At the age of five, she auditioned at the theatre and started a dance career as a child prodigy, from 1939 to 1945, working in two shows a day, all year: in Alexandria in the summer months, in Cairo during the winter, the darling of the elite society. She danced at the famous Opera Casino, run by Badya Masabni, where oriental dance greats started. There were two shows: a matinee, for families, which ended at eight o'clock (and where Nelly danced, always under the watchful eyes of her mother, who was her shrewd impresario), and then the other one, where spirits were served. The little girl, once her own dancing was over, stayed on to watch the rehearsal of the great artists such as Samia Gamal and Tahiya Karioka, directed by an Italian choreographer, who would create special moves for them. She appeared in front of King Farouk, in the same show as Samia Gamal and Umm Kulthum. Most of the time she danced ballet or modern dance.

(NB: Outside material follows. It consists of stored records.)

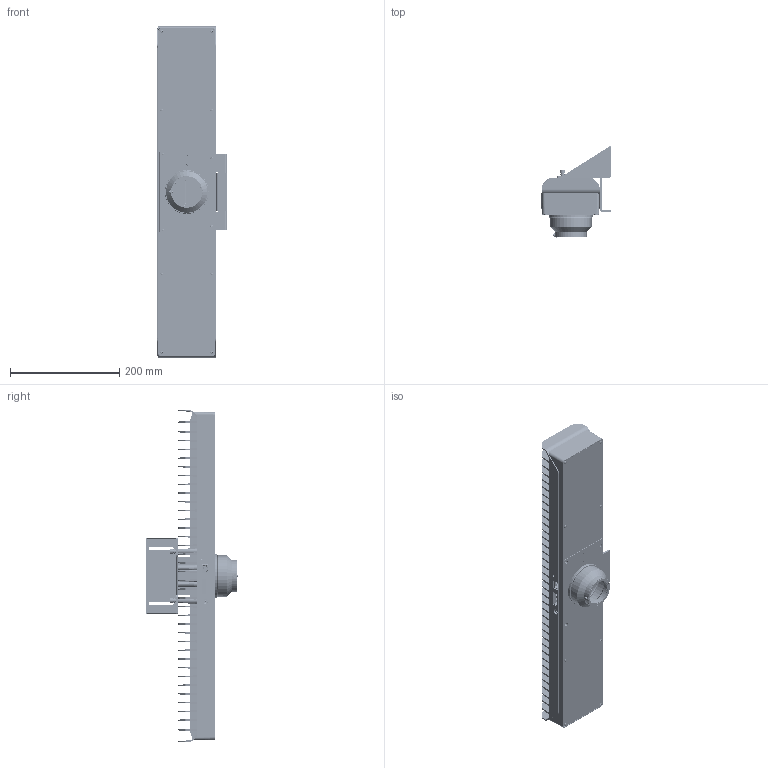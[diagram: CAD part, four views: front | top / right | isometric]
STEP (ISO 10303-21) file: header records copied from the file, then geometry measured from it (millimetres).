
FILE_DESCRIPTION((''),'2;1');
FILE_NAME('ID7080PM-35F_20210906_ASM','2021-09-06T15:38:00',('huguozhe'),(''),'CREO PARAMETRIC BY PTC INC, 2017260','CREO PARAMETRIC BY PTC INC, 2017260','');
FILE_SCHEMA(('AUTOMOTIVE_DESIGN { 1 0 10303 214 1 1 1 1 }'));
Products named in the file (48): DE-13-000351_3_1; DE-14-008252_3_1; 101301592_1_1_1; 101301592_1_2_1; 101301592_1_3_1; 101301592_1_4_1; 101301592_1_ASM_1_ASM; DE-12-000776_1_1; 00_1_1; SC-PM3X6_1_1; DE-12-000776-202100001_1_1; MV-25021_ASM_237_ASM_1_ASM; 101302581_1_1; 101302107_1_1_1; 101302107_1_2_1; 101302107_1_3_1; 101302107_1_ASM_1_ASM; 101300547_1_1; MV-20162-V1_0_ASM_486_ASM_1_ASM; DE-14-013839_6_1; GLASS_1_1; DE-17-000380_1_1; DAOREDIAN_SENSOR_1_1_1; DAOREDIAN_SENSOR_1_2_1; DAOREDIAN_SENSOR_1_3_1; DAOREDIAN_SENSOR_1_ASM_1_ASM; _8KSENSOR0001_ASM_103_ASM_1_ASM; M1_6-3_8_1_1_1_1; __4_5_1_1_1_1; 2_0____1_1_1_1; F__-58_3_1_1_1; PRODUCT_8084_1_1_1_1; PRODUCT_8163_1_1_1_1; F__M72_ASM_2_ASM_1_ASM_2_ASM_1_ASM; F__M72_ASM_2_ASM_ASM_12_ASM_1_ASM; SC-TW1M3X6T10B_1_1; SC-PM3X5-B-NL_1_1; SC-PM3X6T10B_1_1; DE-11-016507_5_1_1; DE-11-016507_5_2_1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
Assembly tree (69 placements, depth 5):
  ID7080PM-35F_20210906_ASM
    00-7017_ASM_1288_ASM_1_ASM
      DE-13-000351_3_1
      DE-14-008252_3_1  x2
      MV-25021_ASM_237_ASM_1_ASM  x4
        101301592_1_ASM_1_ASM
          101301592_1_1_1
          101301592_1_2_1
          101301592_1_3_1
          101301592_1_4_1
        DE-12-000776_1_1
        00_1_1
        SC-PM3X6_1_1
        DE-12-000776-202100001_1_1
      MV-20162-V1_0_ASM_486_ASM_1_ASM
        101302581_1_1
        101302107_1_ASM_1_ASM
          101302107_1_1_1
          101302107_1_2_1
          101302107_1_3_1
        101300547_1_1
      _8KSENSOR0001_ASM_103_ASM_1_ASM
        DE-14-013839_6_1
        GLASS_1_1
        DE-17-000380_1_1
        DAOREDIAN_SENSOR_1_ASM_1_ASM
          DAOREDIAN_SENSOR_1_1_1
          DAOREDIAN_SENSOR_1_2_1
          DAOREDIAN_SENSOR_1_3_1
      F__M72_ASM_2_ASM_ASM_12_ASM_1_ASM
        F__M72_ASM_2_ASM_1_ASM_2_ASM_1_ASM
          M1_6-3_8_1_1_1_1  x3
          __4_5_1_1_1_1
          2_0____1_1_1_1
          F__-58_3_1_1_1
          PRODUCT_8084_1_1_1_1
          PRODUCT_8163_1_1_1_1
      SC-TW1M3X6T10B_1_1
      SC-PM3X5-B-NL_1_1  x12
      SC-PM3X6T10B_1_1
      DE-11-016507_5_ASM_1_ASM
        DE-11-016507_5_1_1
        DE-11-016507_5_2_1
        DE-11-016507_5_3_1
      SC-HSCSFM6X12_ASM_1_ASM_1_ASM  x4
        SC-HSCM6X12-GB70_1_1_1
        SW-6-SUS-GB93_1_1
        PW-6-SUS-GB97_1_1_1
Bounding box: 127.6 x 168.1 x 608.26 mm (x, y, z)
Volume: 2172386.2 mm3; surface area: 982273.8 mm2
Topology: 91 solids, 116 shells, 10271 faces, 29196 edges, 19139 vertices
Faces by surface type: plane 4881, extrusion 2179, cylinder 1555, cone 917, revolution 432, torus 150, bspline 125, sphere 32
Entity records: 227405 total; most frequent: CARTESIAN_POINT 59429, ORIENTED_EDGE 30942, DIRECTION 26412, EDGE_CURVE 15518, VECTOR 10546, VERTEX_POINT 10298, LINE 9987, AXIS2_PLACEMENT_3D 7879
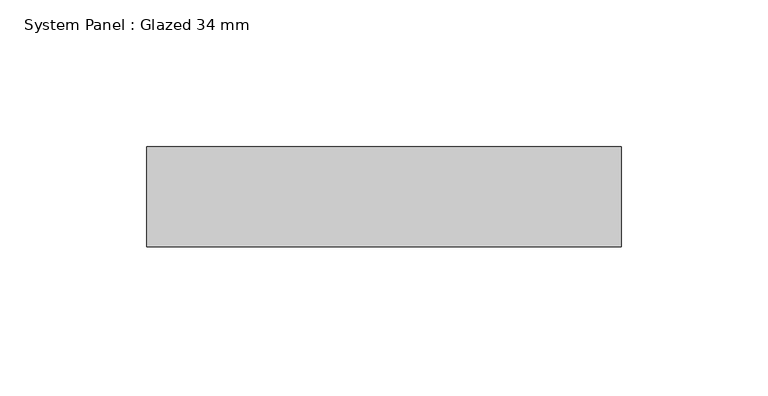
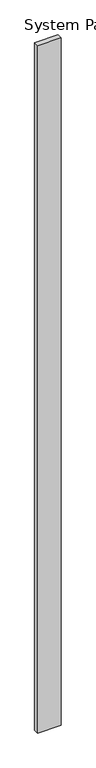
"""IFC4 building model written with IfcOpenShell, lengths in millimetres: plate geometry, System Panel : Glazed 34 mm."""

from ifc_helpers import new_model, si_unit, origin, origin_with_axes, place, context, project, spatial, polyline, outline, extrude, source, transform, mapped, element, save


def system_panel_glazed_34_mm_90ccc8ea(model_context):
    return source(origin(), model_context, "Body", "SweptSolid", [
        extrude(outline(polyline([(80.85, -17.0), (-80.85, -17.0), (-80.85, 17.0), (80.85, 17.0), (80.85, -17.0)])), origin_with_axes(), (0.0, 0.0, 1.0), 5000.0),
    ])


if __name__ == "__main__":
    model = new_model("IFC4")
    model_context = context("Model", 3, world=origin())
    ifc_project = project(units=[si_unit("LENGTHUNIT", "METRE", prefix="MILLI")], contexts=[model_context])
    site = spatial("IfcSite", under=ifc_project)
    building = spatial("IfcBuilding", under=site)
    placement = place(None, origin())
    system_panel_glazed_34_mm_shape = system_panel_glazed_34_mm_90ccc8ea(model_context)
    element("IfcPlate", 1, ObjectType="System Panel : Glazed 34 mm", at=placement, inside=building, context=model_context, shape_type="MappedRepresentation", body=[
        mapped(system_panel_glazed_34_mm_shape, transform((0.0, 0.0, 0.0), x_axis=(1.0, 0.0, 0.0), y_axis=(0.0, 1.0, 0.0), z_axis=(0.0, 0.0, 1.0))),
    ])
    save(model, "model.ifc")

In 1939 the 10-year-old Mazloum appeared on her first film, I prosfygopoula (The refugee girl), a Greek language movie starring Sophia Vembo, on a screenplay by D. Bogris, followed in 1940 by Ben Nareen.
The golden years
In the 1940s and 50s the strikingly beautiful young woman danced in all the choicest venues, creating her own choreographies, and as an actress in the theatre and in the cinema, for about 17 films. Of those, she performed oriental dance only in two. One is Shahrazad (1941) starring Hussein Sedky, Elham Hussein and Samia Gamal, the other one was Soliman's Ring (1946), directed by Hassan Ramzy (the uncle of percussionist Hossam Ramzy). Simone Gasser (Meissoun),[1] a Swiss oriental dancer who took seminars with her, says: "According to her, the reason why she didn't do Raqs Sharqi in films was because 'everybody else did it' and they wanted her to do other dances because she could." According to Mazloum's daughter Marianna, "There were some 300 Egyptian dancers doing oriental very cheaply, they could be hired for 5 pounds per film, while my mother commanded a hefty cachet of 100 pounds because she was the only modern dancer in Egypt at that time — so why 'waste' her on something everybody else did?" She also ran a successful ballet school, which provided young artists for the National Opera of Cairo.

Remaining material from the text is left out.